▶ **Work required**
Whatever appears in the listing, return all of it exactly.

▶ **The data**
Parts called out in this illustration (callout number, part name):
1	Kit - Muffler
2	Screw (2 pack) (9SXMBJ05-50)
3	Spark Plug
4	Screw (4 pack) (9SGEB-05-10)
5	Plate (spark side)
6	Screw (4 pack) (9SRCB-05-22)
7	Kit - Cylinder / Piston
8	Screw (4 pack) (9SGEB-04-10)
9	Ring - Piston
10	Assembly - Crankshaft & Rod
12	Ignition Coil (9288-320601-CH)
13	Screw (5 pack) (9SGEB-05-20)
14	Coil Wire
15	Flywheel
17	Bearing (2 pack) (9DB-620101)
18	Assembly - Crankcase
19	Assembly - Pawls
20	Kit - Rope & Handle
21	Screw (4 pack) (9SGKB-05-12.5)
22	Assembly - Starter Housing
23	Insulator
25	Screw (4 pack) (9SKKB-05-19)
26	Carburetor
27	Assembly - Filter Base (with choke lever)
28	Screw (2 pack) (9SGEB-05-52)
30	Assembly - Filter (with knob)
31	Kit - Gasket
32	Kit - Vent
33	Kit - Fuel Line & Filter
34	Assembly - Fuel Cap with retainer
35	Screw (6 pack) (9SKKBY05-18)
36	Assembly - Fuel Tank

▶ **Response to the task**
Parts called out in this illustration (callout number, part name):
1	Kit - Muffler
2	Screw (2 pack) (9SXMBJ05-50)
3	Spark Plug
4	Screw (4 pack) (9SGEB-05-10)
5	Plate (spark side)
6	Screw (4 pack) (9SRCB-05-22)
7	Kit - Cylinder / Piston
8	Screw (4 pack) (9SGEB-04-10)
9	Ring - Piston
10	Assembly - Crankshaft & Rod
12	Ignition Coil (9288-320601-CH)
13	Screw (5 pack) (9SGEB-05-20)
14	Coil Wire
15	Flywheel
17	Bearing (2 pack) (9DB-620101)
18	Assembly - Crankcase
19	Assembly - Pawls
20	Kit - Rope & Handle
21	Screw (4 pack) (9SGKB-05-12.5)
22	Assembly - Starter Housing
23	Insulator
25	Screw (4 pack) (9SKKB-05-19)
26	Carburetor
27	Assembly - Filter Base (with choke lever)
28	Screw (2 pack) (9SGEB-05-52)
30	Assembly - Filter (with knob)
31	Kit - Gasket
32	Kit - Vent
33	Kit - Fuel Line & Filter
34	Assembly - Fuel Cap with retainer
35	Screw (6 pack) (9SKKBY05-18)
36	Assembly - Fuel Tank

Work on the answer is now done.